To ascertain the quality of the stigmatic designs, we evaluate the error $E$, as defined in Eq. (16). For the designs presented in Fig. 2, we achieved values an average error $E$ of $1.139 \times 10^{-14}$ % with a standard deviation of $0.7135 \times 10^{-15}$. These values could be even smaller, but the numerical solver has convergence issues caused by the highly oscillatory nature of the error $E$.

3. Achieving a particular ray mapping

Until now, the lens designs were limited to stigmatic singlets made with at least one metasurface. The design method can be made to respect more demanding merit functions at the cost of numerical complexity [29,30]. As such, the method is well suited to design optical elements achieving particular and known ray mapping angular relations between the object and image planes, such as the Abbe sine or the ‘Herschel conditions [37]. Typical ray mappings are the Abbe sine condition, the Herschel condition and the condition for constant angular magnification, respectively given by the relations [29,37]
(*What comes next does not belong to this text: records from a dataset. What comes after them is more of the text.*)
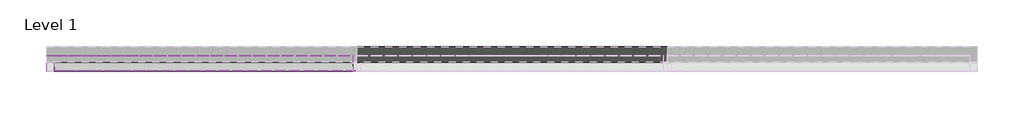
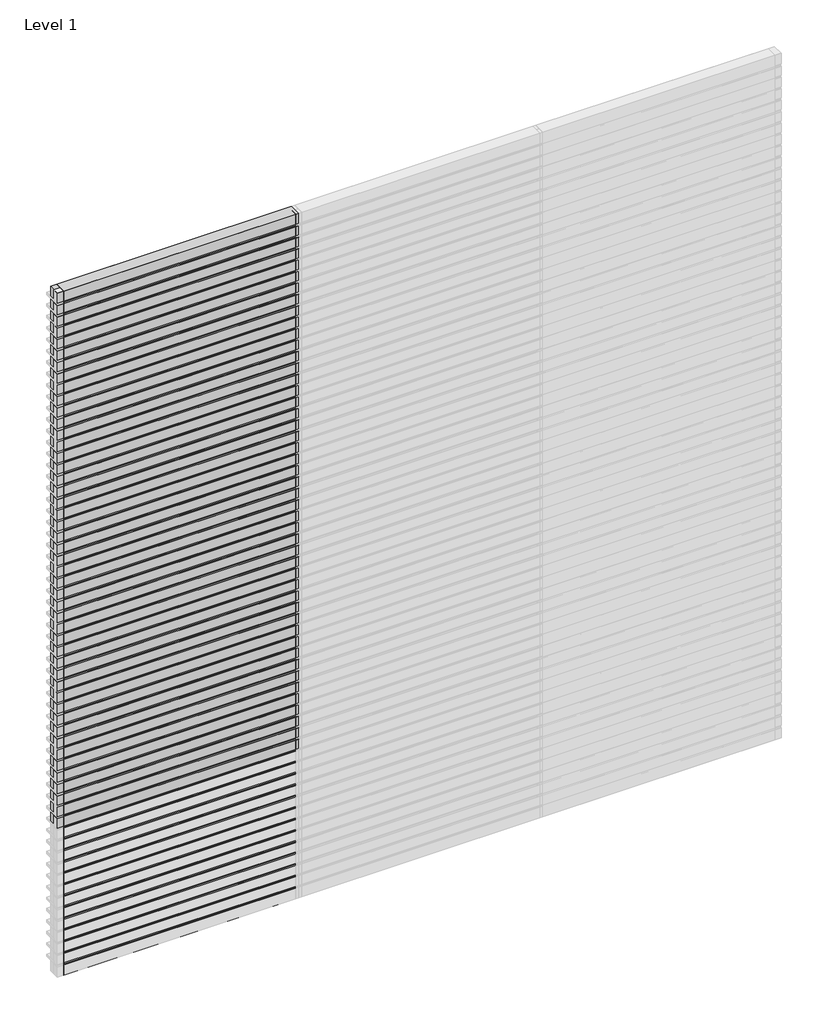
# One storey, part 2 of 6: 107 plates, 20 members.
"""IFC4 building model written with IfcOpenShell, lengths in millimetres."""

from ifc_helpers import new_model, si_unit, origin, place, context, project, spatial, transform, mapped, element, save
from components import rectangular_mullion_30cdfca6, empty_system_panel_empty_51cbbd14, empty_system_panel_empty_86242385, empty_system_panel_empty_20ea7497

model = new_model("IFC4")

# Units and contexts
model_context = context("Model", 3, world=origin())
ifc_project = project(units=[si_unit("LENGTHUNIT", "METRE", prefix="MILLI")], contexts=[model_context])

# Site, building, storey
site = spatial("IfcSite", under=ifc_project)
building = spatial("IfcBuilding", under=site)
storey = spatial("IfcBuildingStorey", under=building, Name="Level 1", Elevation=0.0)

# Members
placement = place(None, origin())
rectangular_mullion_shape = rectangular_mullion_30cdfca6(model_context)
element("IfcMember", 1, ObjectType="Rectangular Mullion : RSen_21_CWM_blade - cubic 100 - 0°_gen_duco projects", at=placement, inside=storey, context=model_context, shape_type="MappedRepresentation", body=[
    mapped(rectangular_mullion_shape, transform((2000.0, 3000.0, 100.0), x_axis=(0.0, 0.0, 1.0), y_axis=(0.0, 1.0, 0.0), z_axis=(-1.0, 0.0, 0.0))),
])
element("IfcMember", 2, ObjectType="Rectangular Mullion : RSen_21_CWM_blade - cubic 100 - 0°_gen_duco projects", at=placement, inside=storey, context=model_context, shape_type="MappedRepresentation", body=[
    mapped(rectangular_mullion_shape, transform((2000.0, 3000.0, 200.0), x_axis=(0.0, 0.0, 1.0), y_axis=(0.0, 1.0, 0.0), z_axis=(-1.0, 0.0, 0.0))),
])
element("IfcMember", 3, ObjectType="Rectangular Mullion : RSen_21_CWM_blade - cubic 100 - 0°_gen_duco projects", at=placement, inside=storey, context=model_context, shape_type="MappedRepresentation", body=[
    mapped(rectangular_mullion_shape, transform((2000.0, 3000.0, 300.0), x_axis=(0.0, 0.0, 1.0), y_axis=(0.0, 1.0, 0.0), z_axis=(-1.0, 0.0, 0.0))),
])
element("IfcMember", 4, ObjectType="Rectangular Mullion : RSen_21_CWM_blade - cubic 100 - 0°_gen_duco projects", at=placement, inside=storey, context=model_context, shape_type="MappedRepresentation", body=[
    mapped(rectangular_mullion_shape, transform((2000.0, 3000.0, 400.0), x_axis=(0.0, 0.0, 1.0), y_axis=(0.0, 1.0, 0.0), z_axis=(-1.0, 0.0, 0.0))),
])
element("IfcMember", 5, ObjectType="Rectangular Mullion : RSen_21_CWM_blade - cubic 100 - 0°_gen_duco projects", at=placement, inside=storey, context=model_context, shape_type="MappedRepresentation", body=[
    mapped(rectangular_mullion_shape, transform((2000.0, 3000.0, 500.0), x_axis=(0.0, 0.0, 1.0), y_axis=(0.0, 1.0, 0.0), z_axis=(-1.0, 0.0, 0.0))),
])
element("IfcMember", 6, ObjectType="Rectangular Mullion : RSen_21_CWM_blade - cubic 100 - 0°_gen_duco projects", at=placement, inside=storey, context=model_context, shape_type="MappedRepresentation", body=[
    mapped(rectangular_mullion_shape, transform((2000.0, 3000.0, 600.0), x_axis=(0.0, 0.0, 1.0), y_axis=(0.0, 1.0, 0.0), z_axis=(-1.0, 0.0, 0.0))),
])
element("IfcMember", 7, ObjectType="Rectangular Mullion : RSen_21_CWM_blade - cubic 100 - 0°_gen_duco projects", at=placement, inside=storey, context=model_context, shape_type="MappedRepresentation", body=[
    mapped(rectangular_mullion_shape, transform((2000.0, 3000.0, 700.0), x_axis=(0.0, 0.0, 1.0), y_axis=(0.0, 1.0, 0.0), z_axis=(-1.0, 0.0, 0.0))),
])
element("IfcMember", 8, ObjectType="Rectangular Mullion : RSen_21_CWM_blade - cubic 100 - 0°_gen_duco projects", at=placement, inside=storey, context=model_context, shape_type="MappedRepresentation", body=[
    mapped(rectangular_mullion_shape, transform((2000.0, 3000.0, 800.0), x_axis=(0.0, 0.0, 1.0), y_axis=(0.0, 1.0, 0.0), z_axis=(-1.0, 0.0, 0.0))),
])
element("IfcMember", 9, ObjectType="Rectangular Mullion : RSen_21_CWM_blade - cubic 100 - 0°_gen_duco projects", at=placement, inside=storey, context=model_context, shape_type="MappedRepresentation", body=[
    mapped(rectangular_mullion_shape, transform((2000.0, 3000.0, 900.0), x_axis=(0.0, 0.0, 1.0), y_axis=(0.0, 1.0, 0.0), z_axis=(-1.0, 0.0, 0.0))),
])
element("IfcMember", 10, ObjectType="Rectangular Mullion : RSen_21_CWM_blade - cubic 100 - 0°_gen_duco projects", at=placement, inside=storey, context=model_context, shape_type="MappedRepresentation", body=[
    mapped(rectangular_mullion_shape, transform((2000.0, 3000.0, 1000.0), x_axis=(0.0, 0.0, 1.0), y_axis=(0.0, 1.0, 0.0), z_axis=(-1.0, 0.0, 0.0))),
])
element("IfcMember", 11, ObjectType="Rectangular Mullion : RSen_21_CWM_blade - cubic 100 - 0°_gen_duco projects", at=placement, inside=storey, context=model_context, shape_type="MappedRepresentation", body=[
    mapped(rectangular_mullion_shape, transform((2000.0, 3000.0, 1100.0), x_axis=(0.0, 0.0, 1.0), y_axis=(0.0, 1.0, 0.0), z_axis=(-1.0, 0.0, 0.0))),
])
element("IfcMember", 12, ObjectType="Rectangular Mullion : RSen_21_CWM_blade - cubic 100 - 0°_gen_duco projects", at=placement, inside=storey, context=model_context, shape_type="MappedRepresentation", body=[
    mapped(rectangular_mullion_shape, transform((2000.0, 3000.0, 1200.0), x_axis=(0.0, 0.0, 1.0), y_axis=(0.0, 1.0, 0.0), z_axis=(-1.0, 0.0, 0.0))),
])
element("IfcMember", 13, ObjectType="Rectangular Mullion : RSen_21_CWM_blade - cubic 100 - 0°_gen_duco projects", at=placement, inside=storey, context=model_context, shape_type="MappedRepresentation", body=[
    mapped(rectangular_mullion_shape, transform((2000.0, 3000.0, 1300.0), x_axis=(0.0, 0.0, 1.0), y_axis=(0.0, 1.0, 0.0), z_axis=(-1.0, 0.0, 0.0))),
])
element("IfcMember", 14, ObjectType="Rectangular Mullion : RSen_21_CWM_blade - cubic 100 - 0°_gen_duco projects", at=placement, inside=storey, context=model_context, shape_type="MappedRepresentation", body=[
    mapped(rectangular_mullion_shape, transform((2000.0, 3000.0, 1400.0), x_axis=(0.0, 0.0, 1.0), y_axis=(0.0, 1.0, 0.0), z_axis=(-1.0, 0.0, 0.0))),
])
element("IfcMember", 15, ObjectType="Rectangular Mullion : RSen_21_CWM_blade - cubic 100 - 0°_gen_duco projects", at=placement, inside=storey, context=model_context, shape_type="MappedRepresentation", body=[
    mapped(rectangular_mullion_shape, transform((2000.0, 3000.0, 1500.0), x_axis=(0.0, 0.0, 1.0), y_axis=(0.0, 1.0, 0.0), z_axis=(-1.0, 0.0, 0.0))),
])
element("IfcMember", 16, ObjectType="Rectangular Mullion : RSen_21_CWM_blade - cubic 100 - 0°_gen_duco projects", at=placement, inside=storey, context=model_context, shape_type="MappedRepresentation", body=[
    mapped(rectangular_mullion_shape, transform((2000.0, 3000.0, 1600.0), x_axis=(0.0, 0.0, 1.0), y_axis=(0.0, 1.0, 0.0), z_axis=(-1.0, 0.0, 0.0))),
])
element("IfcMember", 17, ObjectType="Rectangular Mullion : RSen_21_CWM_blade - cubic 100 - 0°_gen_duco projects", at=placement, inside=storey, context=model_context, shape_type="MappedRepresentation", body=[
    mapped(rectangular_mullion_shape, transform((2000.0, 3000.0, 1700.0), x_axis=(0.0, 0.0, 1.0), y_axis=(0.0, 1.0, 0.0), z_axis=(-1.0, 0.0, 0.0))),
])
element("IfcMember", 18, ObjectType="Rectangular Mullion : RSen_21_CWM_blade - cubic 100 - 0°_gen_duco projects", at=placement, inside=storey, context=model_context, shape_type="MappedRepresentation", body=[
    mapped(rectangular_mullion_shape, transform((2000.0, 3000.0, 1800.0), x_axis=(0.0, 0.0, 1.0), y_axis=(0.0, 1.0, 0.0), z_axis=(-1.0, 0.0, 0.0))),
])
element("IfcMember", 19, ObjectType="Rectangular Mullion : RSen_21_CWM_blade - cubic 100 - 0°_gen_duco projects", at=placement, inside=storey, context=model_context, shape_type="MappedRepresentation", body=[
    mapped(rectangular_mullion_shape, transform((2000.0, 3000.0, 1900.0), x_axis=(0.0, 0.0, 1.0), y_axis=(0.0, 1.0, 0.0), z_axis=(-1.0, 0.0, 0.0))),
])
element("IfcMember", 20, ObjectType="Rectangular Mullion : RSen_21_CWM_blade - cubic 100 - 0°_gen_duco projects", at=placement, inside=storey, context=model_context, shape_type="MappedRepresentation", body=[
    mapped(rectangular_mullion_shape, transform((2000.0, 3000.0, 2000.0), x_axis=(0.0, 0.0, 1.0), y_axis=(0.0, 1.0, 0.0), z_axis=(-1.0, 0.0, 0.0))),
])

# Plates
empty_system_panel_empty_shape = empty_system_panel_empty_51cbbd14(model_context)
element("IfcPlate", 21, ObjectType="Empty System Panel : Empty", at=placement, inside=storey, context=model_context, shape_type="MappedRepresentation", body=[
    mapped(empty_system_panel_empty_shape, transform((1000.0, 3000.0, 5910.0), x_axis=(-1.0, 0.0, 0.0), y_axis=(0.0, -1.0, 0.0), z_axis=(0.0, 0.0, 1.0))),
])
empty_system_panel_empty_2_shape = empty_system_panel_empty_86242385(model_context)
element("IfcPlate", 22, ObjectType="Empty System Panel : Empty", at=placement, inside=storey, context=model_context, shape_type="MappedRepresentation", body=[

(17)$$M_{tr} = \frac{\sin\theta_1}{\sin\theta_3} \qquad \qquad M_{long} = \frac{\sin^2(\theta_1/2)}{\sin^2(\theta_3/2)} \qquad \qquad \textbf{} M_{ang} = \frac{\tan \theta_3}{\tan \theta_1 } ,$$

where $M_{tr}$, $M_{long}$ and $M_{ang}$ are constants representing the transverse, longitudinal and angular magnifications, respectively. The proposed method is not limited to these cases. However, for fixed values of $l_o$, $t$ and $l_i$, we expect the magnification factors to follow the relationship $M_{tr} = \sqrt {M_{long}} = 1/M_{ang}$ [37,41].

To design a lens respecting these conditions, we need at least one degree of freedom at any given interface (e.g., one phase profile at the first interface and the curvature at the second). One needs to relate the angles before and after the singlet, following the geometry presented in Fig. 4. As the vector $\vec {k}_3$ is dependent upon the properties of every interface of the lens, so is the angle $\theta _3$. As we set a relation between the incidence angle $\theta _1$ and output angle $\theta _3$, it imposes design constraints on the requirements of the properties of the lens in order to respect the optical condition over the whole pupil. Then, one needs to solve, often numerically, the implicit ordinary differential equation that the ray mapping condition imposes over the free parameter. This free parameter can be the phase profile of the metasurface being at the first optical element of the singlet, for example. If a solution exists for the free parameter of the first interface, then the whole optical element is designed following Eqs. (1) and (12), as the singlet needs to be stigmatic while respecting the ray mapping condition [37].

Fig. 4. Geometry of on-axis singlet doubled side metalens for a particular ray mapping.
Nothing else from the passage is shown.